How bootstrapped Vero grew revenue 1300% in 12 months using content marketing

Email marketing software firm Vero is heading into its second year of operation committed to continuing its 20% month-on-month revenue growth target, but co-founder Chris Hexton it gets harder for businesses to grow as they get bigger.

 

After abandoning an online invoicing product after realising there wasn’t big enough market for it during the second Startmate intake in early 2012, Hexton and co-founder James Lamont reflected on their earlier work as e-commerce consultants and remembered the scores of requests for an affordable email marketing automation software.

 

“This idea came from the recognition that everyone kept asking us to create something that would help them to automate their email marketing,” Hexton says, adding the major issue with their future competitors was affordability.

 

Vero signed up their first customers in August 2012.

 

“We’d had some customers from the invoicing product, so it was a happy day. But we’d conquered that before, so we wanted to see if we could get more than a handful, and could we get growth month on month,” Hexton says.

 

Since then, the company has grown between 20 to 25% month on month, with several months clocking in at over 30%.

 

Hexton and Lamont decided not to fundraise for their company in the early stages, so they didn’t have any marketing budget and decided to focus on content marketing.

 

“Content was the logical fit for us so we decided to be really good at it.
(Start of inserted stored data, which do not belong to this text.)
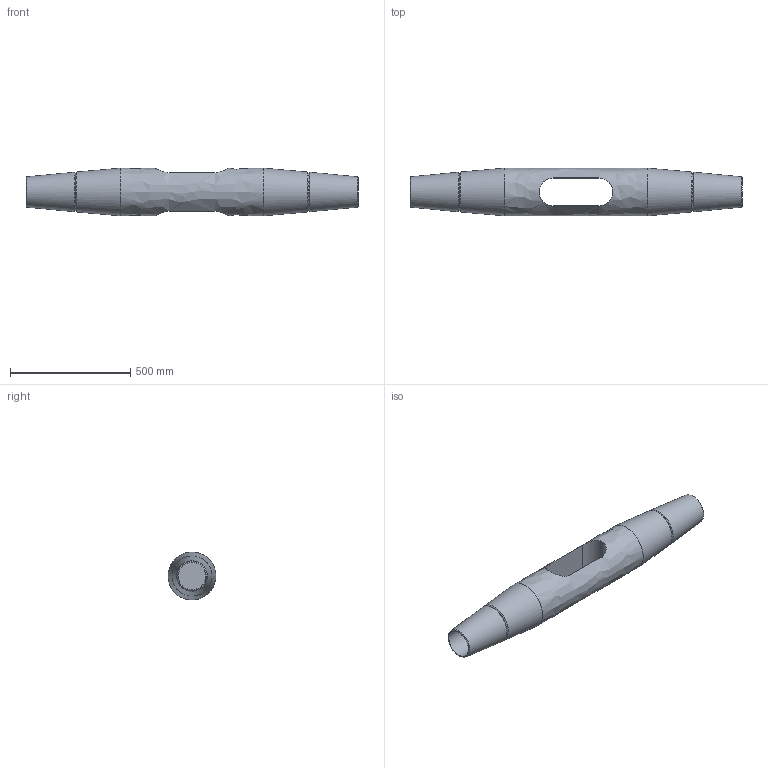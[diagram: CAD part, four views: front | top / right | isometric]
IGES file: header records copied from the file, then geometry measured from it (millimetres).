
Global section: file name: 520-110-KMF; native system: Autodesk Inventor 2016; preprocessor: unknown; author: Administrator; date: 20200702.133012; units: centimetre
Bounding box: 1378 x 198 x 197.98 mm (x, y, z)
Volume: 25645093.5 mm3; surface area: 962940.8 mm2
Topology: 1 solids, 1 shells, 21 faces, 53 edges, 36 vertices
Faces by surface type: bspline 21
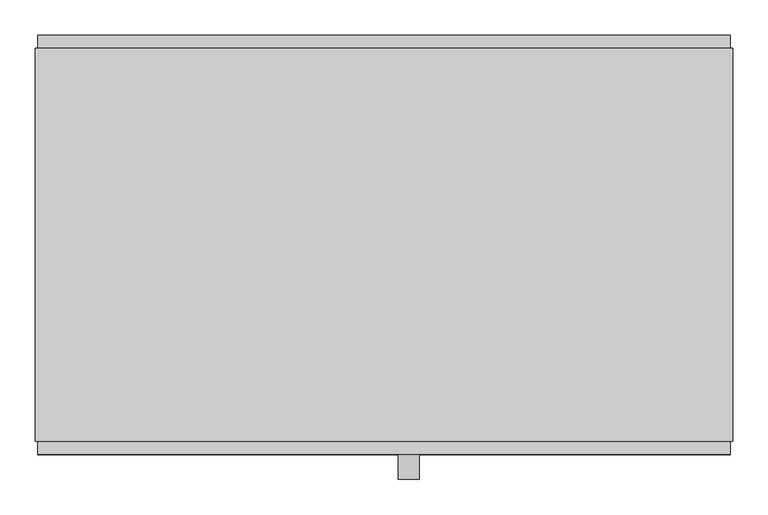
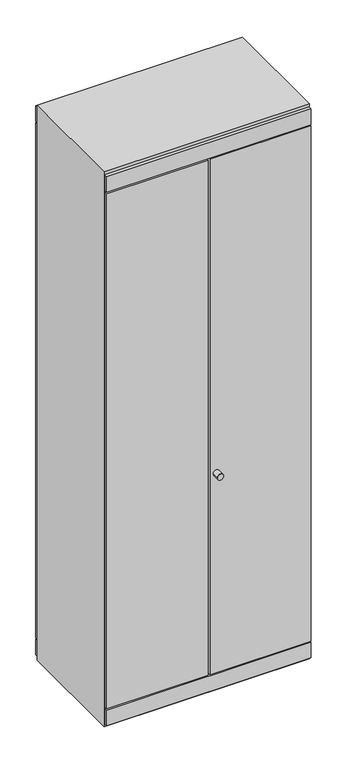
"""IFC4 building model written with IfcOpenShell, lengths in millimetres: furniture geometry, Apex - 2 DOOR - FC OR CAPPED : 2 DOOR - F/C OR CAPPED 1000mm(w) x 590mm(d)."""

from ifc_helpers import new_model, si_unit, point, frame, frame_2d, origin, place, context, project, spatial, polyline, circle_curve, trimmed, segment, composite_curve, outline, extrude, source, transform, mapped, element, save


def furniture_989d2fca(model_context):
    return source(origin(), model_context, "Body", "SweptSolid", [
        extrude(outline(composite_curve([segment(trimmed(circle_curve(frame_2d((1108.0, 526.0)), 15.0), [point((1108.0, 511.0))], [point((1108.0, 541.0))], False, "CARTESIAN"), True, "CONTINUOUS"), segment(trimmed(circle_curve(frame_2d((1108.0, 526.0)), 15.0), [point((1108.0, 541.0))], [point((1108.0, 511.0))], False, "CARTESIAN"), True, "CONTINUOUS")], self_intersect=False)), frame((0.0, -625.0, 0.0), z_axis=(0.0, 1.0, 0.0), x_axis=(0.0, 0.0, 1.0)), (0.0, 0.0, 1.0), 35.0),
        extrude(outline(polyline([(2800.0, 982.0), (2800.0, 0.0), (0.0, 0.0), (0.0, 982.0), (2800.0, 982.0)]), holes=[polyline([(115.0, 973.0), (115.0, 9.0), (2685.2991236, 9.0), (2685.2991236, 973.0), (115.0, 973.0)])]), frame((0.0, -572.0, 0.0), z_axis=(0.0, 1.0, 0.0), x_axis=(0.0, 0.0, 1.0)), (0.0, 0.0, 1.0), 554.0),
        extrude(outline(polyline([(486.0, -572.0), (486.0, -590.0), (3.0, -590.0), (3.0, -572.0), (486.0, -572.0)])), frame((0.0, 0.0, 100.0), z_axis=(0.0, 0.0, 1.0), x_axis=(1.0, 0.0, 0.0)), (0.0, 0.0, 1.0), 2600.0),
        extrude(outline(polyline([(979.0, -590.0), (496.0, -590.0), (496.0, -572.0), (979.0, -572.0), (979.0, -590.0)])), frame((0.0, 0.0, 100.0), z_axis=(0.0, 0.0, 1.0), x_axis=(1.0, 0.0, 0.0)), (0.0, 0.0, 1.0), 2600.0),
        extrude(outline(polyline([(979.0, 0.0), (979.0, -18.0), (3.0, -18.0), (3.0, 0.0), (979.0, 0.0)])), frame((0.0, 0.0, 100.0), z_axis=(0.0, 0.0, 1.0), x_axis=(1.0, 0.0, 0.0)), (0.0, 0.0, 1.0), 2600.0),
        extrude(outline(polyline([(979.0, -18.0), (3.0, -18.0), (3.0, 0.0), (979.0, 0.0), (979.0, -18.0)])), frame((0.0, 0.0, 2706.0), z_axis=(0.0, 0.0, 1.0), x_axis=(1.0, 0.0, 0.0)), (0.0, 0.0, 1.0), 79.0),
        extrude(outline(polyline([(979.0, -18.0), (3.0, -18.0), (3.0, 0.0), (979.0, 0.0), (979.0, -18.0)])), frame((0.0, 0.0, 15.0), z_axis=(0.0, 0.0, 1.0), x_axis=(1.0, 0.0, 0.0)), (0.0, 0.0, 1.0), 79.0),
        extrude(outline(polyline([(979.0, -590.0), (3.0, -590.0), (3.0, -572.0), (979.0, -572.0), (979.0, -590.0)])), frame((0.0, 0.0, 2706.0), z_axis=(0.0, 0.0, 1.0), x_axis=(1.0, 0.0, 0.0)), (0.0, 0.0, 1.0), 79.0),
        extrude(outline(polyline([(979.0, -590.0), (3.0, -590.0), (3.0, -572.0), (979.0, -572.0), (979.0, -590.0)])), frame((0.0, 0.0, 15.0), z_axis=(0.0, 0.0, 1.0), x_axis=(1.0, 0.0, 0.0)), (0.0, 0.0, 1.0), 79.0),
    ])


if __name__ == "__main__":
    model = new_model("IFC4")
    model_context = context("Model", 3, world=origin())
    ifc_project = project(units=[si_unit("LENGTHUNIT", "METRE", prefix="MILLI")], contexts=[model_context])
    site = spatial("IfcSite", under=ifc_project)
    building = spatial("IfcBuilding", under=site)
    placement = place(None, origin())
    furniture_shape = furniture_989d2fca(model_context)
    element("IfcFurniture", 1, ObjectType="Apex - 2 DOOR - FC OR CAPPED : 2 DOOR - F/C OR CAPPED 1000mm(w) x 590mm(d)", at=placement, inside=building, context=model_context, shape_type="MappedRepresentation", body=[
        mapped(furniture_shape, transform((0.0, 0.0, 0.0), x_axis=(1.0, 0.0, 0.0), y_axis=(0.0, 1.0, 0.0), z_axis=(0.0, 0.0, 1.0))),
    ])
    save(model, "model.ifc")

We’ve been going with trial and error approach to our blog, which we update once a week,” Hexton says. “The blog allows us to educate people and that’s how it turns words in dollars. We can outline we understand what our customers problems are, inform them about those issues and show how our product helps.”

 

He adds content marketing can be hard work, especially in the early stages while you’re building your subscriber base. They’ve now built up their email list to many thousands of subscribers.

 

“When you start, no one is going to read it. The only way to get people reading is to borrow people’s audience,” Hexton says.

 

To build up their first 100 subscribers and achieve their first few thousand hits, the Vero team shared their content beyond the standard social media platforms. They also shared their posts on Hacker News, Reddit, and began guest posting on blogs where they thought techy people may hang out.

 

“We started to target really good bloggers and get our stories on their sites. You have to be a bit pushy and steal, borrow and share other people’s audiences,” Hexton says.

 

Once they had established an email subscription list, his team began to experiment with which posts were shared the most by their subscribers.

 

They discovered longer, detailed posts such as explorations of previous effective email marketing campaigns did well.

 

“There is no silver bullet. The honest answer, which we’re still working out, is write really good stuff. Our best posts, those that get shared most, are juicy, they’re long and have perspectives others might not have considered. If people have learned something valuable, they’ll share it,” Hexton says, adding they spend about six hours on average for each post.

 

The next year will be spent on growing the business beyond the start-up stage, which has included reanalysing and increasing their base prices, which they doubled last month.

 

“We’ve got a lot better at understanding that you can charge people properly if you’re doing a good job. At the start, everyone under charges because of lack of confidence,” Hexton says, adding as a bootstrapped start-up, every margin increases their growth potential.

 

Vero will be looking to grow their team beyond the current three full time and a few part-time staffers, continue to iterate on the products and identify new marketing channels to reach beyond their content marketing networks.

 

“As we get bigger, it’s harder to maintain that high month-on-month growth. We want to sustain 20% for the next year, but we’ve got ourselves ready and we’re looking forward to the challenge,” Hexton says.